## EXERCISE PROMPT
Please, without the pictures, retype exactly the lines from the start of the material through the line that holds "doc.styles.add('ROMANS', font='romans')".
+ + + + + + +
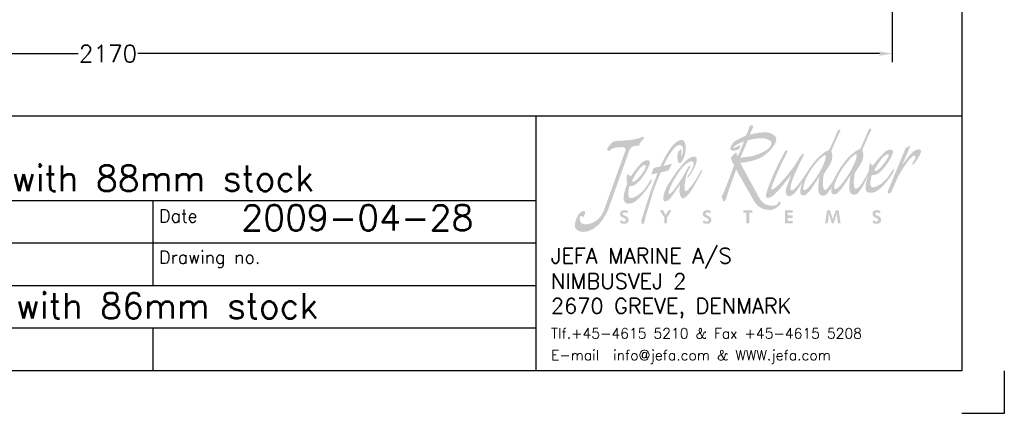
# Model space of a CAD drawing. Extents: x -2890 to 290, y -788 to 1362.
# Tile 3 of 5: x -867 to 290, y -788 to -325. Entities that reach past the tile are written whole.
import ezdxf

# ---------------------------------------------------------------- set-up
doc = ezdxf.new("R2010")
doc.units = 0
doc.header["$LTSCALE"] = 1.5
doc.header["$PDMODE"] = 2
doc.header["$PDSIZE"] = 5
doc.layers.get('0').update_dxf_attribs({"linetype": 'CONTINUOUS'})
doc.layers.get('DEFPOINTS').update_dxf_attribs({"linetype": 'CONTINUOUS'})
doc.layers.add('DIMS', color=7, linetype='CONTINUOUS', lineweight=15)
doc.layers.add('RAMME', color=7, linetype='CONTINUOUS')
doc.styles.add('ROMANS', font='romans')
doc.dimstyles.new('Text 20', dxfattribs={"dimtxt": 20, "dimasz": 15, "dimexe": 10, "dimexo": 0, "dimgap": 0, "dimtad": 0, "dimdsep": 46, "dimtxsty": 'ROMANS', "dimcen": 10, "dimazin": 2, "dimtfac": 0.65, "dimtofl": 0, "dimtmove": 0, "dimatfit": 0, "dimfxl": 1, "dimtolj": 1, "dimarcsym": 0})

# ---------------------------------------------------------------- blocks, each defined once
blk = doc.blocks.new('jefa rudder logo')
at = {"linetype": 'Continuous', "lineweight": 0}
h = blk.add_hatch(color=182, dxfattribs=at)
edge = h.paths.add_edge_path(flags=16)
edge.add_spline(control_points=[(28.946, 61.153), (29.136, 61.166), (28.946, 60.378), (28.384, 59.431), (28.384, 59.431), (27.823, 58.483), (27.165, 57.709), (26.919, 57.709), (26.919, 57.709), (26.675, 57.709), (26.858, 58.522), (27.417, 59.469), (27.417, 59.469), (27.978, 60.416), (28.791, 61.14), (28.946, 61.153)], knot_values=[0, 0, 0, 0, 0.25, 0.25, 0.25, 0.25, 0.5, 0.5, 0.5, 0.5, 0.75, 0.75, 0.75, 0.75, 1, 1, 1, 1], degree=3, periodic=0)
edge = h.paths.add_edge_path(flags=16)
edge.add_spline(control_points=[(29.952, 57.81), (30.196, 57.81), (30.853, 58.583), (31.415, 59.53), (31.415, 59.53), (31.976, 60.48), (32.167, 61.265), (31.976, 61.252), (31.976, 61.252), (31.821, 61.242), (31.034, 60.498), (30.472, 59.55), (30.472, 59.55), (30.323, 59.296), (29.533, 57.81), (29.952, 57.81)], knot_values=[0, 0, 0, 0, 0.25, 0.25, 0.25, 0.25, 0.5, 0.5, 0.5, 0.5, 0.75, 0.75, 0.75, 0.75, 1, 1, 1, 1], degree=3, periodic=0)
edge = h.paths.add_edge_path()
edge.add_spline(control_points=[(30.173, 59.439), (30.188, 59.472), (30.213, 59.515), (30.241, 59.563), (30.241, 59.563), (30.254, 59.588), (30.262, 59.604), (30.262, 59.604), (30.262, 59.604), (30.262, 59.604), (30.264, 59.604), (30.264, 59.604), (30.264, 59.604), (30.467, 59.947), (30.881, 60.561), (31.186, 60.876), (31.186, 60.876), (31.549, 61.255), (32.212, 61.78), (32.296, 61.689), (32.296, 61.689), (32.38, 61.595), (33.18, 63.561), (33.18, 63.561), (33.18, 63.561), (33.18, 63.561), (33.264, 63.812), (33.404, 63.746), (33.404, 63.746), (33.543, 63.68), (33.49, 63.569), (33.386, 63.429), (33.386, 63.429), (33.284, 63.292), (32.578, 61.638), (32.593, 61.623), (32.593, 61.623), (32.609, 61.608), (32.893, 60.96), (32.418, 60.244), (32.418, 60.244), (31.943, 59.527), (31.859, 59.378), (31.859, 59.378), (31.859, 59.378), (31.859, 59.378), (31.722, 58.514), (31.77, 58.227), (31.77, 58.227), (31.816, 57.955), (31.913, 57.78), (32.055, 57.849), (32.055, 57.849), (32.484, 58.059), (33.035, 59.223), (33.266, 59.654), (33.266, 59.654), (33.244, 59.898), (33.279, 60.124), (33.325, 60.389), (33.325, 60.389), (33.409, 60.272), (33.48, 60.185), (33.647, 60.14), (33.647, 60.14), (33.983, 60.607), (34.623, 61.364), (34.968, 61.58), (34.968, 61.58), (35.311, 61.793), (35.664, 61.704), (35.603, 61.41), (35.603, 61.41), (35.491, 60.848), (34.303, 58.946), (33.533, 59.19), (33.533, 59.19), (33.454, 59.047), (33.193, 57.983), (33.609, 57.991), (33.609, 57.991), (34.023, 57.996), (34.646, 58.39), (35.141, 59.058), (35.141, 59.058), (35.636, 59.728), (35.555, 59.766), (35.662, 59.774), (35.662, 59.774), (35.768, 59.779), (35.697, 59.568), (35.524, 59.281), (35.524, 59.281), (35.354, 59.002), (34.366, 57.602), (33.67, 57.485), (33.67, 57.485), (33.005, 57.358), (32.921, 57.655), (32.911, 57.986), (32.911, 57.986), (32.903, 58.288), (33.025, 58.743), (33.244, 59.263), (33.244, 59.263), (33.244, 59.263), (32.756, 58.306), (32.756, 58.306), (32.756, 58.306), (32.756, 58.306), (32.25, 57.401), (31.999, 57.31), (31.999, 57.31), (31.745, 57.216), (31.471, 57.272), (31.364, 57.589), (31.364, 57.589), (31.26, 57.904), (31.405, 59.256), (31.458, 59.22), (31.458, 59.22), (31.458, 59.22), (30.711, 57.97), (30.432, 57.691), (30.432, 57.691), (30.152, 57.412), (29.969, 57.16), (29.66, 57.366), (29.66, 57.366), (29.527, 57.452), (29.535, 57.724), (29.606, 58.047), (29.606, 58.047), (29.456, 57.782), (29.152, 57.277), (28.966, 57.208), (28.966, 57.208), (28.715, 57.117), (28.438, 57.173), (28.334, 57.488), (28.334, 57.488), (28.23, 57.803), (28.372, 59.154), (28.428, 59.118), (28.428, 59.118), (28.428, 59.118), (27.681, 57.871), (27.402, 57.592), (27.402, 57.592), (27.122, 57.313), (26.939, 57.061), (26.629, 57.264), (26.629, 57.264), (26.426, 57.396), (26.551, 57.965), (26.728, 58.476), (26.728, 58.476), (26.518, 58.151), (26.104, 57.531), (25.913, 57.368), (25.913, 57.368), (25.651, 57.147), (25.458, 57.089), (25.321, 57.13), (25.321, 57.13), (25.161, 57.175), (25.029, 57.483), (25.121, 57.772), (25.121, 57.772), (25.212, 58.064), (25.624, 59.207), (25.624, 59.207), (25.624, 59.207), (25.624, 59.207), (24.729, 58.052), (24.417, 57.721), (24.417, 57.721), (24.107, 57.389), (23.815, 57.109), (23.655, 57.028), (23.655, 57.028), (23.495, 56.947), (23.101, 56.838), (23.162, 57.229), (23.162, 57.229), (23.223, 57.62), (23.713, 58.824), (23.906, 59.276), (23.906, 59.276), (24.1, 59.731), (24.834, 61.173), (24.94, 61.359), (24.94, 61.359), (25.029, 61.519), (25.113, 61.793), (25.291, 61.514), (25.291, 61.514), (25.291, 61.514), (24.628, 60.241), (24.267, 59.378), (24.267, 59.378), (23.906, 58.514), (23.754, 58.163), (23.724, 58.021), (23.724, 58.021), (23.696, 57.882), (23.665, 57.752), (23.764, 57.772), (23.764, 57.772), (24.239, 57.866), (25.448, 59.421), (25.773, 59.845), (25.773, 59.845), (26.055, 60.239), (26.421, 60.876), (26.477, 60.945), (26.477, 60.945), (26.607, 61.105), (26.726, 61.356), (26.827, 61.275), (26.827, 61.275), (26.927, 61.196), (26.838, 61.074), (26.746, 60.914), (26.746, 60.914), (26.657, 60.754), (25.809, 58.961), (25.692, 58.534), (25.692, 58.534), (25.583, 58.133), (25.512, 57.963), (25.552, 57.831), (25.552, 57.831), (25.593, 57.701), (25.682, 57.561), (26.035, 57.922), (26.035, 57.922), (26.883, 58.793), (27.335, 59.926), (28.156, 60.777), (28.156, 60.777), (28.519, 61.153), (29.182, 61.679), (29.266, 61.587), (29.266, 61.587), (29.35, 61.496), (30.15, 63.459), (30.15, 63.459), (30.15, 63.459), (30.15, 63.459), (30.234, 63.711), (30.373, 63.647), (30.373, 63.647), (30.513, 63.581), (30.457, 63.47), (30.356, 63.33), (30.356, 63.33), (30.251, 63.19), (29.548, 61.537), (29.563, 61.521), (29.563, 61.521), (29.578, 61.506), (29.863, 60.861), (29.385, 60.145), (29.385, 60.145), (28.91, 59.426), (28.826, 59.276), (28.826, 59.276), (28.826, 59.276), (28.826, 59.276), (28.687, 58.407), (28.745, 58.123), (28.745, 58.123), (28.801, 57.843), (28.892, 57.683), (29.022, 57.749), (29.022, 57.749), (29.154, 57.815), (29.591, 58.392), (29.713, 58.598), (29.713, 58.598), (29.748, 58.659), (29.812, 58.773), (29.886, 58.905), (29.886, 58.905), (30.015, 59.225), (30.145, 59.461), (30.173, 59.439)], knot_values=[0, 0, 0, 0, 0.013889, 0.013889, 0.013889, 0.013889, 0.027778, 0.027778, 0.027778, 0.027778, 0.041667, 0.041667, 0.041667, 0.041667, 0.055556, 0.055556, 0.055556, 0.055556, 0.069444, 0.069444, 0.069444, 0.069444, 0.083333, 0.083333, 0.083333, 0.083333, 0.097222, 0.097222, 0.097222, 0.097222, 0.111111, 0.111111, 0.111111, 0.111111, 0.125, 0.125, 0.125, 0.125, 0.138889, 0.138889, 0.138889, 0.138889, 0.152778, 0.152778, 0.152778, 0.152778, 0.166667, 0.166667, 0.166667, 0.166667, 0.180556, 0.180556, 0.180556, 0.180556, 0.194444, 0.194444, 0.194444, 0.194444, 0.208333, 0.208333, 0.208333, 0.208333, 0.222222, 0.222222, 0.222222, 0.222222, 0.236111, 0.236111, 0.236111, 0.236111, 0.25, 0.25, 0.25, 0.25, 0.263889, 0.263889, 0.263889, 0.263889, 0.277778, 0.277778, 0.277778, 0.277778, 0.291667, 0.291667, 0.291667, 0.291667, 0.305556, 0.305556, 0.305556, 0.305556, 0.319444, 0.319444, 0.319444, 0.319444, 0.333333, 0.333333, 0.333333, 0.333333, 0.347222, 0.347222, 0.347222, 0.347222, 0.361111, 0.361111, 0.361111, 0.361111, 0.375, 0.375, 0.375, 0.375, 0.388889, 0.388889, 0.388889, 0.388889, 0.402778, 0.402778, 0.402778, 0.402778, 0.416667, 0.416667, 0.416667, 0.416667, 0.430556, 0.430556, 0.430556, 0.430556, 0.444444, 0.444444, 0.444444, 0.444444, 0.458333, 0.458333, 0.458333, 0.458333, 0.472222, 0.472222, 0.472222, 0.472222, 0.486111, 0.486111, 0.486111, 0.486111, 0.5, 0.5, 0.5, 0.5, 0.513889, 0.513889, 0.513889, 0.513889, 0.527778, 0.527778, 0.527778, 0.527778, 0.541667, 0.541667, 0.541667, 0.541667, 0.555556, 0.555556, 0.555556, 0.555556, 0.569444, 0.569444, 0.569444, 0.569444, 0.583333, 0.583333, 0.583333, 0.583333, 0.597222, 0.597222, 0.597222, 0.597222, 0.611111, 0.611111, 0.611111, 0.611111, 0.625, 0.625, 0.625, 0.625, 0.638889, 0.638889, 0.638889, 0.638889, 0.652778, 0.652778, 0.652778, 0.652778, 0.666667, 0.666667, 0.666667, 0.666667, 0.680556, 0.680556, 0.680556, 0.680556, 0.694444, 0.694444, 0.694444, 0.694444, 0.708333, 0.708333, 0.708333, 0.708333, 0.722222, 0.722222, 0.722222, 0.722222, 0.736111, 0.736111, 0.736111, 0.736111, 0.75, 0.75, 0.75, 0.75, 0.763889, 0.763889, 0.763889, 0.763889, 0.777778, 0.777778, 0.777778, 0.777778, 0.791667, 0.791667, 0.791667, 0.791667, 0.805556, 0.805556, 0.805556, 0.805556, 0.819444, 0.819444, 0.819444, 0.819444, 0.833333, 0.833333, 0.833333, 0.833333, 0.847222, 0.847222, 0.847222, 0.847222, 0.861111, 0.861111, 0.861111, 0.861111, 0.875, 0.875, 0.875, 0.875, 0.888889, 0.888889, 0.888889, 0.888889, 0.902778, 0.902778, 0.902778, 0.902778, 0.916667, 0.916667, 0.916667, 0.916667, 0.930556, 0.930556, 0.930556, 0.930556, 0.944444, 0.944444, 0.944444, 0.944444, 0.958333, 0.958333, 0.958333, 0.958333, 0.972222, 0.972222, 0.972222, 0.972222, 0.986111, 0.986111, 0.986111, 0.986111, 1, 1, 1, 1], degree=3, periodic=0)
edge = h.paths.add_edge_path(flags=16)
edge.add_spline(control_points=[(33.762, 59.68), (33.762, 59.68), (34.341, 60.698), (34.681, 60.998), (34.681, 60.998), (35.022, 61.295), (35.265, 61.331), (35.159, 60.998), (35.159, 60.998), (35.103, 60.825), (33.983, 59.182), (33.762, 59.68)], knot_values=[0, 0, 0, 0, 0.333333, 0.333333, 0.333333, 0.333333, 0.666667, 0.666667, 0.666667, 0.666667, 1, 1, 1, 1], degree=3, periodic=0)
edge = h.paths.add_edge_path()
edge.add_spline(control_points=[(21.222, 63.066), (21.222, 63.066), (21.486, 63.701), (21.486, 63.701), (21.486, 63.701), (21.486, 63.701), (21.501, 63.853), (21.544, 63.937), (21.544, 63.937), (21.587, 64.021), (21.74, 64.115), (21.798, 64.082), (21.798, 64.082), (21.857, 64.046), (21.984, 63.962), (21.9, 63.828), (21.9, 63.828), (21.816, 63.693), (21.577, 63.16), (21.577, 63.16), (21.577, 63.16), (21.577, 63.16), (22.982, 63.513), (23.49, 63.327), (23.49, 63.327), (23.998, 63.142), (24.371, 62.921), (24.067, 62.296), (24.067, 62.296), (23.762, 61.669), (22.931, 60.907), (22.078, 60.663), (22.078, 60.663), (21.222, 60.416), (20.648, 60.391), (20.648, 60.391), (20.648, 60.391), (20.648, 60.391), (22.459, 57.059), (22.459, 57.059), (22.459, 57.059), (22.865, 56.309), (23.259, 56.251), (23.51, 56.22), (23.51, 56.22), (23.785, 56.187), (24.107, 56.154), (24.262, 56.319), (24.262, 56.319), (24.361, 56.426), (24.364, 56.581), (24.448, 56.591), (24.448, 56.591), (24.531, 56.599), (24.684, 56.472), (24.575, 56.345), (24.575, 56.345), (24.465, 56.218), (24.016, 55.778), (23.627, 55.778), (23.627, 55.778), (23.236, 55.778), (22.469, 55.809), (21.984, 56.667), (21.984, 56.667), (21.984, 56.667), (20.251, 59.731), (20.251, 59.731), (20.251, 59.731), (20.251, 59.731), (19.479, 57.572), (19.479, 57.572), (19.479, 57.572), (19.479, 57.572), (19.319, 57.013), (19.258, 56.835), (19.258, 56.835), (19.2, 56.657), (19.116, 56.573), (19.04, 56.617), (19.04, 56.617), (18.964, 56.657), (18.92, 56.911), (18.87, 56.972), (18.87, 56.972), (18.819, 57.031), (18.766, 57.13), (18.862, 57.158), (18.862, 57.158), (18.959, 57.186), (20.076, 60.14), (20.041, 60.168), (20.041, 60.168), (19.98, 60.213), (19.7, 60.836), (19.741, 60.891), (19.741, 60.891), (19.893, 61.095), (20.061, 61.278), (20.259, 61.415), (20.259, 61.415), (20.295, 61.283), (20.343, 61.151), (20.401, 61.018), (20.401, 61.018), (20.401, 61.018), (21.036, 62.499), (21.036, 62.499), (21.036, 62.499), (21.036, 62.499), (20.521, 62.311), (20.361, 62.202), (20.361, 62.202), (20.198, 62.093), (19.929, 61.93), (19.944, 61.879), (19.944, 61.879), (19.962, 61.829), (20.208, 61.897), (20.35, 61.981), (20.35, 61.981), (20.495, 62.067), (20.63, 62.177), (20.648, 62.057), (20.648, 62.057), (20.663, 61.94), (20.579, 61.661), (20.249, 61.61), (20.249, 61.61), (19.919, 61.559), (19.733, 61.6), (19.69, 61.745), (19.69, 61.745), (19.649, 61.89), (19.853, 62.372), (20.223, 62.575), (20.223, 62.575), (20.597, 62.779), (21.222, 63.066), (21.222, 63.066)], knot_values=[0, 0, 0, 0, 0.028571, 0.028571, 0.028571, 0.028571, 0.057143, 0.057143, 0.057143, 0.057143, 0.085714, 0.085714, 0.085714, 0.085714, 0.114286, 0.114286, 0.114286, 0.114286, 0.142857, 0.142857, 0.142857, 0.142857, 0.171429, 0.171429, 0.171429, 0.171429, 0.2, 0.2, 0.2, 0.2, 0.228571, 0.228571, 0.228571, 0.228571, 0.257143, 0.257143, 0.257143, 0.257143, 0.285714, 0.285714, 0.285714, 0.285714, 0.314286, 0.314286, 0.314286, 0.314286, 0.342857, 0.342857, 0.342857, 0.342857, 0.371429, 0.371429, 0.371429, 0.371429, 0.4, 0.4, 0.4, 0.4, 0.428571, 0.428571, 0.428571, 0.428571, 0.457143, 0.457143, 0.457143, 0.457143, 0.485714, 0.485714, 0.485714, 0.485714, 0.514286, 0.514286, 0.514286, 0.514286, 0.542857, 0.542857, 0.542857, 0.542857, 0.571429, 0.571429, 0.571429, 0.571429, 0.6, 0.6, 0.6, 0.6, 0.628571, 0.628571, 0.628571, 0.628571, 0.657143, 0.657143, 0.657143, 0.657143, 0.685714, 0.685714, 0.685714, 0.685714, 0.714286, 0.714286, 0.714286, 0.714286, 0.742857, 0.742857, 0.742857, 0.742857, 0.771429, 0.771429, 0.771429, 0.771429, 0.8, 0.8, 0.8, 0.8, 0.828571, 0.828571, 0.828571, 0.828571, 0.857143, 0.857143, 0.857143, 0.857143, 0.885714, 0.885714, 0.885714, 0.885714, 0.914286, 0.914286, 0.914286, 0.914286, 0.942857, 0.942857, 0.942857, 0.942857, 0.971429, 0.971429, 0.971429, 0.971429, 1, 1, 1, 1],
+ + + + + + +
## WRITTEN ANSWER
# Model space of a CAD drawing. Extents: x -2890 to 290, y -788 to 1362.
# Tile 3 of 5: x -867 to 290, y -788 to -325. Entities that reach past the tile are written whole.
import ezdxf

# ---------------------------------------------------------------- set-up
doc = ezdxf.new("R2010")
doc.units = 0
doc.header["$LTSCALE"] = 1.5
doc.header["$PDMODE"] = 2
doc.header["$PDSIZE"] = 5
doc.layers.get('0').update_dxf_attribs({"linetype": 'CONTINUOUS'})
doc.layers.get('DEFPOINTS').update_dxf_attribs({"linetype": 'CONTINUOUS'})
doc.layers.add('DIMS', color=7, linetype='CONTINUOUS', lineweight=15)
doc.layers.add('RAMME', color=7, linetype='CONTINUOUS')
doc.styles.add('ROMANS', font='romans')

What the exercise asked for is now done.